What is needed ->
Copy out every line of the records in which "layers" can be found.

Data for this exercise ->
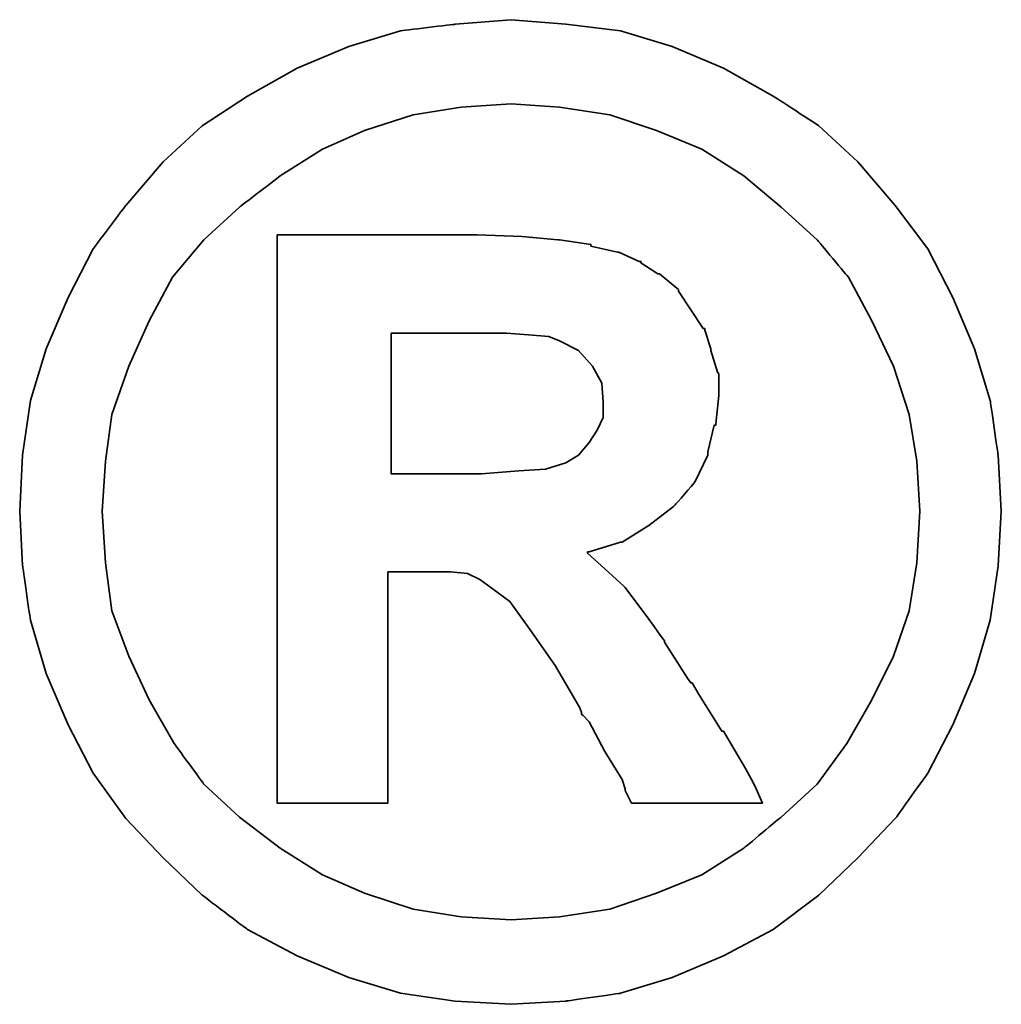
# Model space of a CAD drawing. Header units: millimetres. Extents: x 303 to 565, y 61 to 171.
# Tile 50 of 52: x 520.15 to 521.3, y 100.61 to 101.77. Entities that reach past the tile are written whole.
import ezdxf

# ---------------------------------------------------------------- set-up
doc = ezdxf.new("R2010")
doc.units = ezdxf.units.MM
doc.layers.add('DIM', color=4, linetype='Continuous')
doc.layers.add('layer 1', color=7, linetype='Continuous')

# ---------------------------------------------------------------- blocks, each defined once
blk = doc.blocks.new('TBI MOTION logo(完整正式版)')
at = {"layer": 'layer 1', "color": 22, "lineweight": 35}
for points, knots in [([(81.20634, 4.98624), (81.20634, 4.98624), (81.18649, 5.32862), (81.18649, 5.32862), (81.18649, 5.32862), (81.18649, 5.32862), (81.13886, 5.66206), (81.13886, 5.66206), (81.13886, 5.66206), (81.13886, 5.66206), (81.04359, 5.97764), (81.04359, 5.97764), (81.04359, 5.97764), (81.04359, 5.97764), (80.91061, 6.29124), (80.91061, 6.29124), (80.91061, 6.29124), (80.91061, 6.29124), (80.75778, 6.58697), (80.75778, 6.58697), (80.75778, 6.58697), (80.75778, 6.58697), (80.5593, 6.85294), (80.5593, 6.85294), (80.5593, 6.85294), (80.5593, 6.85294), (80.33105, 7.1189), (80.33105, 7.1189), (80.33105, 7.1189), (80.33105, 7.1189), (80.09287, 7.33921), (80.09287, 7.33921), (80.09287, 7.33921), (80.09287, 7.33921), (79.815, 7.51982), (79.815, 7.51982), (79.815, 7.51982), (79.815, 7.51982), (79.51133, 7.69051), (79.51133, 7.69051), (79.51133, 7.69051), (79.51133, 7.69051), (79.19773, 7.8235), (79.19773, 7.8235), (79.19773, 7.8235), (79.19773, 7.8235), (78.88215, 7.91877), (78.88215, 7.91877), (78.88215, 7.91877), (78.88215, 7.91877), (78.54871, 7.95846), (78.54871, 7.95846), (78.54871, 7.95846), (78.54871, 7.95846), (78.21526, 7.98625), (78.21526, 7.98625), (78.21526, 7.98625), (78.21526, 7.98625), (77.87388, 7.95846), (77.87388, 7.95846), (77.87388, 7.95846), (77.87388, 7.95846), (77.54044, 7.91877), (77.54044, 7.91877), (77.54044, 7.91877), (77.54044, 7.91877), (77.22485, 7.8235), (77.22485, 7.8235), (77.22485, 7.8235), (77.22485, 7.8235), (76.91027, 7.69051), (76.91027, 7.69051), (76.91027, 7.69051), (76.91027, 7.69051), (76.6056, 7.51982), (76.6056, 7.51982), (76.6056, 7.51982), (76.6056, 7.51982), (76.32972, 7.33921), (76.32972, 7.33921), (76.32972, 7.33921), (76.32972, 7.33921), (76.09154, 7.1189), (76.09154, 7.1189), (76.09154, 7.1189), (76.09154, 7.1189), (75.86329, 6.85294), (75.86329, 6.85294), (75.86329, 6.85294), (75.86329, 6.85294), (75.66382, 6.58697), (75.66382, 6.58697), (75.66382, 6.58697), (75.66382, 6.58697), (75.51099, 6.29124), (75.51099, 6.29124), (75.51099, 6.29124), (75.51099, 6.29124), (75.37702, 5.97764), (75.37702, 5.97764), (75.37702, 5.97764), (75.37702, 5.97764), (75.28175, 5.66206), (75.28175, 5.66206), (75.28175, 5.66206), (75.28175, 5.66206), (75.23411, 5.32862), (75.23411, 5.32862), (75.23411, 5.32862), (75.23411, 5.32862), (75.21625, 4.98624), (75.21625, 4.98624), (75.21625, 4.98624), (75.21625, 4.98624), (75.23411, 4.6528), (75.23411, 4.6528), (75.23411, 4.6528), (75.23411, 4.6528), (75.28175, 4.32035), (75.28175, 4.32035), (75.28175, 4.32035), (75.28175, 4.32035), (75.37702, 3.99583), (75.37702, 3.99583), (75.37702, 3.99583), (75.37702, 3.99583), (75.51099, 3.68224), (75.51099, 3.68224), (75.51099, 3.68224), (75.51099, 3.68224), (75.66382, 3.38749), (75.66382, 3.38749), (75.66382, 3.38749), (75.66382, 3.38749), (75.86329, 3.10963), (75.86329, 3.10963), (75.86329, 3.10963), (75.86329, 3.10963), (76.09154, 2.87145), (76.09154, 2.87145), (76.09154, 2.87145), (76.09154, 2.87145), (76.32972, 2.6432), (76.32972, 2.6432), (76.32972, 2.6432), (76.32972, 2.6432), (76.6056, 2.43381), (76.6056, 2.43381), (76.6056, 2.43381), (76.6056, 2.43381), (76.91027, 2.27205), (76.91027, 2.27205), (76.91027, 2.27205), (76.91027, 2.27205), (77.22485, 2.13906), (77.22485, 2.13906), (77.22485, 2.13906), (77.22485, 2.13906), (77.54044, 2.0438), (77.54044, 2.0438), (77.54044, 2.0438), (77.54044, 2.0438), (77.87388, 1.99616), (77.87388, 1.99616), (77.87388, 1.99616), (77.87388, 1.99616), (78.21526, 1.97631), (78.21526, 1.97631), (78.21526, 1.97631), (78.21526, 1.97631), (78.54871, 1.99616), (78.54871, 1.99616), (78.54871, 1.99616), (78.54871, 1.99616), (78.88215, 2.0438), (78.88215, 2.0438), (78.88215, 2.0438), (78.88215, 2.0438), (79.19773, 2.13906), (79.19773, 2.13906), (79.19773, 2.13906), (79.19773, 2.13906), (79.51133, 2.27205), (79.51133, 2.27205), (79.51133, 2.27205), (79.51133, 2.27205), (79.815, 2.43381), (79.815, 2.43381), (79.815, 2.43381), (79.815, 2.43381), (80.09287, 2.6432), (80.09287, 2.6432), (80.09287, 2.6432), (80.09287, 2.6432), (80.33105, 2.87145), (80.33105, 2.87145), (80.33105, 2.87145), (80.33105, 2.87145), (80.5593, 3.10963), (80.5593, 3.10963), (80.5593, 3.10963), (80.5593, 3.10963), (80.75778, 3.38749), (80.75778, 3.38749), (80.75778, 3.38749), (80.75778, 3.38749), (80.91061, 3.68224), (80.91061, 3.68224), (80.91061, 3.68224), (80.91061, 3.68224), (81.04359, 3.99583), (81.04359, 3.99583), (81.04359, 3.99583), (81.04359, 3.99583), (81.13886, 4.32035), (81.13886, 4.32035), (81.13886, 4.32035), (81.13886, 4.32035), (81.18649, 4.6528), (81.18649, 4.6528), (81.18649, 4.6528), (81.18649, 4.6528), (81.20634, 4.98624), (81.20634, 4.98624)], [0, 0, 0, 0, 0.0178571, 0.0178571, 0.0178571, 0.0178572, 0.0357143, 0.0357143, 0.0357143, 0.0357143, 0.0535714, 0.0535714, 0.0535714, 0.0535714, 0.0714286, 0.0714286, 0.0714286, 0.0714286, 0.0892857, 0.0892857, 0.0892857, 0.0892857, 0.1071429, 0.1071429, 0.1071429, 0.1071429, 0.125, 0.125, 0.125, 0.125, 0.1428571, 0.1428571, 0.1428571, 0.1428572, 0.1607143, 0.1607143, 0.1607143, 0.1607143, 0.1785714, 0.1785714, 0.1785714, 0.1785714, 0.1964286, 0.1964286, 0.1964286, 0.1964286, 0.2142857, 0.2142857, 0.2142857, 0.2142857, 0.2321429, 0.2321429, 0.2321429, 0.2321429, 0.25, 0.25, 0.25, 0.25, 0.2678571, 0.2678571, 0.2678571, 0.2678572, 0.2857143, 0.2857143, 0.2857143, 0.2857143, 0.3035714, 0.3035714, 0.3035714, 0.3035714, 0.3214286, 0.3214286, 0.3214286, 0.3214286, 0.3392857, 0.3392857, 0.3392857, 0.3392857, 0.3571429, 0.3571429, 0.3571429, 0.3571429, 0.375, 0.375, 0.375, 0.375, 0.3928571, 0.3928571, 0.3928571, 0.3928572, 0.4107143, 0.4107143, 0.4107143, 0.4107143, 0.4285714, 0.4285714, 0.4285714, 0.4285714, 0.4464286, 0.4464286, 0.4464286, 0.4464286, 0.4642857, 0.4642857, 0.4642857, 0.4642857, 0.4821429, 0.4821429, 0.4821429, 0.4821429, 0.5, 0.5, 0.5, 0.5, 0.5178571, 0.5178571, 0.5178571, 0.5178572, 0.5357143, 0.5357143, 0.5357143, 0.5357143, 0.5535714, 0.5535714, 0.5535714, 0.5535714, 0.5714286, 0.5714286, 0.5714286, 0.5714286, 0.5892857, 0.5892857, 0.5892857, 0.5892857, 0.6071429, 0.6071429, 0.6071429, 0.6071429, 0.625, 0.625, 0.625, 0.625, 0.6428571, 0.6428571, 0.6428571, 0.6428572, 0.6607143, 0.6607143, 0.6607143, 0.6607143, 0.6785714, 0.6785714, 0.6785714, 0.6785714, 0.6964286, 0.6964286, 0.6964286, 0.6964286, 0.7142857, 0.7142857, 0.7142857, 0.7142857, 0.7321429, 0.7321429, 0.7321429, 0.7321429, 0.75, 0.75, 0.75, 0.75, 0.7678571, 0.7678571, 0.7678571, 0.7678572, 0.7857143, 0.7857143, 0.7857143, 0.7857143, 0.8035714, 0.8035714, 0.8035714, 0.8035714, 0.8214286, 0.8214286, 0.8214286, 0.8214286, 0.8392857, 0.8392857, 0.8392857, 0.8392857, 0.8571429, 0.8571429, 0.8571429, 0.8571429, 0.875, 0.875, 0.875, 0.875, 0.8928571, 0.8928571, 0.8928571, 0.8928572, 0.9107143, 0.9107143, 0.9107143, 0.9107143, 0.9285714, 0.9285714, 0.9285714, 0.9285714, 0.9464286, 0.9464286, 0.9464286, 0.9464286, 0.9642857, 0.9642857, 0.9642857, 0.9642857, 0.9821429, 0.9821429, 0.9821429, 0.9821429, 1, 1, 1, 1]), ([(80.71014, 4.98624), (80.71014, 4.98624), (80.69129, 5.29091), (80.69129, 5.29091), (80.69129, 5.29091), (80.69129, 5.29091), (80.64464, 5.57672), (80.64464, 5.57672), (80.64464, 5.57672), (80.64464, 5.57672), (80.54937, 5.87245), (80.54937, 5.87245), (80.54937, 5.87245), (80.54937, 5.87245), (80.41639, 6.14833), (80.41639, 6.14833), (80.41639, 6.14833), (80.41639, 6.14833), (80.27349, 6.41429), (80.27349, 6.41429), (80.27349, 6.41429), (80.27349, 6.41429), (80.08295, 6.64255), (80.08295, 6.64255), (80.08295, 6.64255), (80.08295, 6.64255), (79.86264, 6.84301), (79.86264, 6.84301), (79.86264, 6.84301), (79.86264, 6.84301), (79.63439, 7.03355), (79.63439, 7.03355), (79.63439, 7.03355), (79.63439, 7.03355), (79.37835, 7.1963), (79.37835, 7.1963), (79.37835, 7.1963), (79.37835, 7.1963), (79.10246, 7.30944), (79.10246, 7.30944), (79.10246, 7.30944), (79.10246, 7.30944), (78.81665, 7.40471), (78.81665, 7.40471), (78.81665, 7.40471), (78.81665, 7.40471), (78.511, 7.45234), (78.511, 7.45234), (78.511, 7.45234), (78.511, 7.45234), (78.21526, 7.47219), (78.21526, 7.47219), (78.21526, 7.47219), (78.21526, 7.47219), (77.9106, 7.45234), (77.9106, 7.45234), (77.9106, 7.45234), (77.9106, 7.45234), (77.61685, 7.40471), (77.61685, 7.40471), (77.61685, 7.40471), (77.61685, 7.40471), (77.32012, 7.30944), (77.32012, 7.30944), (77.32012, 7.30944), (77.32012, 7.30944), (77.06309, 7.1963), (77.06309, 7.1963), (77.06309, 7.1963), (77.06309, 7.1963), (76.80606, 7.03355), (76.80606, 7.03355), (76.80606, 7.03355), (76.80606, 7.03355), (76.55797, 6.84301), (76.55797, 6.84301), (76.55797, 6.84301), (76.55797, 6.84301), (76.34063, 6.64255), (76.34063, 6.64255), (76.34063, 6.64255), (76.34063, 6.64255), (76.1491, 6.41429), (76.1491, 6.41429), (76.1491, 6.41429), (76.1491, 6.41429), (76.0062, 6.14833), (76.0062, 6.14833), (76.0062, 6.14833), (76.0062, 6.14833), (75.88314, 5.87245), (75.88314, 5.87245), (75.88314, 5.87245), (75.88314, 5.87245), (75.77794, 5.57672), (75.77794, 5.57672), (75.77794, 5.57672), (75.77794, 5.57672), (75.73924, 5.29091), (75.73924, 5.29091), (75.73924, 5.29091), (75.73924, 5.29091), (75.72039, 4.98624), (75.72039, 4.98624), (75.72039, 4.98624), (75.72039, 4.98624), (75.73924, 4.67165), (75.73924, 4.67165), (75.73924, 4.67165), (75.73924, 4.67165), (75.77794, 4.37791), (75.77794, 4.37791), (75.77794, 4.37791), (75.77794, 4.37791), (75.88314, 4.10102), (75.88314, 4.10102), (75.88314, 4.10102), (75.88314, 4.10102), (76.0062, 3.83407), (76.0062, 3.83407), (76.0062, 3.83407), (76.0062, 3.83407), (76.15902, 3.56811), (76.15902, 3.56811), (76.15902, 3.56811), (76.15902, 3.56811), (76.34063, 3.32001), (76.34063, 3.32001), (76.34063, 3.32001), (76.34063, 3.32001), (76.55797, 3.11955), (76.55797, 3.11955), (76.55797, 3.11955), (76.55797, 3.11955), (76.80606, 2.92901), (76.80606, 2.92901), (76.80606, 2.92901), (76.80606, 2.92901), (77.06309, 2.76725), (77.06309, 2.76725), (77.06309, 2.76725), (77.06309, 2.76725), (77.32012, 2.65412), (77.32012, 2.65412), (77.32012, 2.65412), (77.32012, 2.65412), (77.61685, 2.55786), (77.61685, 2.55786), (77.61685, 2.55786), (77.61685, 2.55786), (77.9106, 2.51022), (77.9106, 2.51022), (77.9106, 2.51022), (77.9106, 2.51022), (78.21526, 2.49137), (78.21526, 2.49137), (78.21526, 2.49137), (78.21526, 2.49137), (78.511, 2.51022), (78.511, 2.51022), (78.511, 2.51022), (78.511, 2.51022), (78.81665, 2.55786), (78.81665, 2.55786), (78.81665, 2.55786), (78.81665, 2.55786), (79.10246, 2.65412), (79.10246, 2.65412), (79.10246, 2.65412), (79.10246, 2.65412), (79.37835, 2.76725), (79.37835, 2.76725), (79.37835, 2.76725), (79.37835, 2.76725), (79.63439, 2.92901), (79.63439, 2.92901), (79.63439, 2.92901), (79.63439, 2.92901), (79.86264, 3.11955), (79.86264, 3.11955), (79.86264, 3.11955), (79.86264, 3.11955), (80.08295, 3.32001), (80.08295, 3.32001), (80.08295, 3.32001), (80.08295, 3.32001), (80.26356, 3.56811), (80.26356, 3.56811), (80.26356, 3.56811), (80.26356, 3.56811), (80.41639, 3.83407), (80.41639, 3.83407), (80.41639, 3.83407), (80.41639, 3.83407), (80.54937, 4.10102), (80.54937, 4.10102), (80.54937, 4.10102), (80.54937, 4.10102), (80.64464, 4.37791), (80.64464, 4.37791), (80.64464, 4.37791), (80.64464, 4.37791), (80.69129, 4.67165), (80.69129, 4.67165), (80.69129, 4.67165), (80.69129, 4.67165), (80.71014, 4.98624), (80.71014, 4.98624)], [0, 0, 0, 0, 0.0192308, 0.0192308, 0.0192308, 0.0192308, 0.0384615, 0.0384615, 0.0384615, 0.0384615, 0.0576923, 0.0576923, 0.0576923, 0.0576923, 0.0769231, 0.0769231, 0.0769231, 0.0769231, 0.0961538, 0.0961538, 0.0961538, 0.0961539, 0.1153846, 0.1153846, 0.1153846, 0.1153846, 0.1346154, 0.1346154, 0.1346154, 0.1346154, 0.1538462, 0.1538462, 0.1538462, 0.1538462, 0.1730769, 0.1730769, 0.1730769, 0.1730769, 0.1923077, 0.1923077, 0.1923077, 0.1923077, 0.2115385, 0.2115385, 0.2115385, 0.2115385, 0.2307692, 0.2307692, 0.2307692, 0.2307692, 0.25, 0.25, 0.25, 0.25, 0.2692308, 0.2692308, 0.2692308, 0.2692308, 0.2884615, 0.2884615, 0.2884615, 0.2884615, 0.3076923, 0.3076923, 0.3076923, 0.3076923, 0.3269231, 0.3269231, 0.3269231, 0.3269231, 0.3461538, 0.3461538, 0.3461538, 0.3461539, 0.3653846, 0.3653846, 0.3653846, 0.3653846, 0.3846154, 0.3846154, 0.3846154, 0.3846154, 0.4038462, 0.4038462, 0.4038462, 0.4038462, 0.4230769, 0.4230769, 0.4230769, 0.4230769, 0.4423077, 0.4423077, 0.4423077, 0.4423077, 0.4615385, 0.4615385, 0.4615385, 0.4615385, 0.4807692, 0.4807692, 0.4807692, 0.4807692, 0.5, 0.5, 0.5, 0.5, 0.5192308, 0.5192308, 0.5192308, 0.5192308, 0.5384615, 0.5384615, 0.5384615, 0.5384615, 0.5576923, 0.5576923, 0.5576923, 0.5576923, 0.5769231, 0.5769231, 0.5769231, 0.5769231, 0.5961538, 0.5961538, 0.5961538, 0.5961539, 0.6153846, 0.6153846, 0.6153846, 0.6153846, 0.6346154, 0.6346154, 0.6346154, 0.6346154, 0.6538462, 0.6538462, 0.6538462, 0.6538462, 0.6730769, 0.6730769, 0.6730769, 0.6730769, 0.6923077, 0.6923077, 0.6923077, 0.6923077, 0.7115385, 0.7115385, 0.7115385, 0.7115385, 0.7307692, 0.7307692, 0.7307692, 0.7307692, 0.75, 0.75, 0.75, 0.75, 0.7692308, 0.7692308, 0.7692308, 0.7692308, 0.7884615, 0.7884615, 0.7884615, 0.7884615, 0.8076923, 0.8076923, 0.8076923, 0.8076923, 0.8269231, 0.8269231, 0.8269231, 0.8269231, 0.8461538, 0.8461538, 0.8461538, 0.8461539, 0.8653846, 0.8653846, 0.8653846, 0.8653846, 0.8846154, 0.8846154, 0.8846154, 0.8846154, 0.9038462, 0.9038462, 0.9038462, 0.9038462, 0.9230769, 0.9230769, 0.9230769, 0.9230769, 0.9423077, 0.9423077, 0.9423077, 0.9423077, 0.9615385, 0.9615385, 0.9615385, 0.9615385, 0.9807692, 0.9807692, 0.9807692, 0.9807692, 1, 1, 1, 1]), ([(76.78721, 3.2823), (76.78721, 3.2823), (76.78721, 3.32001), (76.78721, 3.32001), (76.78721, 3.32001), (76.78721, 3.32001), (76.78721, 3.42422), (76.78721, 3.42422), (76.78721, 3.42422), (76.78721, 3.42422), (76.78721, 3.59689), (76.78721, 3.59689), (76.78721, 3.59689), (76.78721, 3.59689), (76.78721, 3.80529), (76.78721, 3.80529), (76.78721, 3.80529), (76.78721, 3.80529), (76.78721, 4.0524), (76.78721, 4.0524), (76.78721, 4.0524), (76.78721, 4.0524), (76.78721, 4.32035), (76.78721, 4.32035), (76.78721, 4.32035), (76.78721, 4.32035), (76.78721, 4.92868), (76.78721, 4.92868), (76.78721, 4.92868), (76.78721, 4.92868), (76.78721, 5.53801), (76.78721, 5.53801), (76.78721, 5.53801), (76.78721, 5.53801), (76.78721, 5.82482), (76.78721, 5.82482), (76.78721, 5.82482), (76.78721, 5.82482), (76.78721, 6.07291), (76.78721, 6.07291), (76.78721, 6.07291), (76.78721, 6.07291), (76.78721, 6.30017), (76.78721, 6.30017), (76.78721, 6.30017), (76.78721, 6.30017), (76.78721, 6.45399), (76.78721, 6.45399), (76.78721, 6.45399), (76.78721, 6.45399), (76.78721, 6.5572), (76.78721, 6.5572), (76.78721, 6.5572), (76.78721, 6.5572), (76.78721, 6.59689), (76.78721, 6.59689), (76.78721, 6.59689), (76.78721, 6.59689), (76.78721, 6.67232), (76.78721, 6.67232), (76.78721, 6.67232), (76.78721, 6.67232), (76.8537, 6.67232), (76.8537, 6.67232), (76.8537, 6.67232), (76.8537, 6.67232), (76.87355, 6.67232), (76.87355, 6.67232), (76.87355, 6.67232), (76.87355, 6.67232), (76.91027, 6.67232), (76.91027, 6.67232), (76.91027, 6.67232), (76.91027, 6.67232), (77.04424, 6.67232), (77.04424, 6.67232), (77.04424, 6.67232), (77.04424, 6.67232), (77.22485, 6.67232), (77.22485, 6.67232), (77.22485, 6.67232), (77.22485, 6.67232), (77.43524, 6.67232), (77.43524, 6.67232), (77.43524, 6.67232), (77.43524, 6.67232), (77.65357, 6.67232), (77.65357, 6.67232), (77.65357, 6.67232), (77.65357, 6.67232), (77.82625, 6.67232), (77.82625, 6.67232), (77.82625, 6.67232), (77.82625, 6.67232), (77.94037, 6.67232), (77.94037, 6.67232), (77.94037, 6.67232), (77.94037, 6.67232), (77.97709, 6.67232), (77.97709, 6.67232), (77.97709, 6.67232), (77.97709, 6.67232), (77.99694, 6.67232), (77.99694, 6.67232), (77.99694, 6.67232), (77.99694, 6.67232), (78.00686, 6.67232), (78.00686, 6.67232), (78.00686, 6.67232), (78.00686, 6.67232), (78.28275, 6.6624), (78.28275, 6.6624), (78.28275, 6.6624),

Answer to this problem ->
doc.layers.add('DIM', color=4, linetype='Continuous')
doc.layers.add('layer 1', color=7, linetype='Continuous')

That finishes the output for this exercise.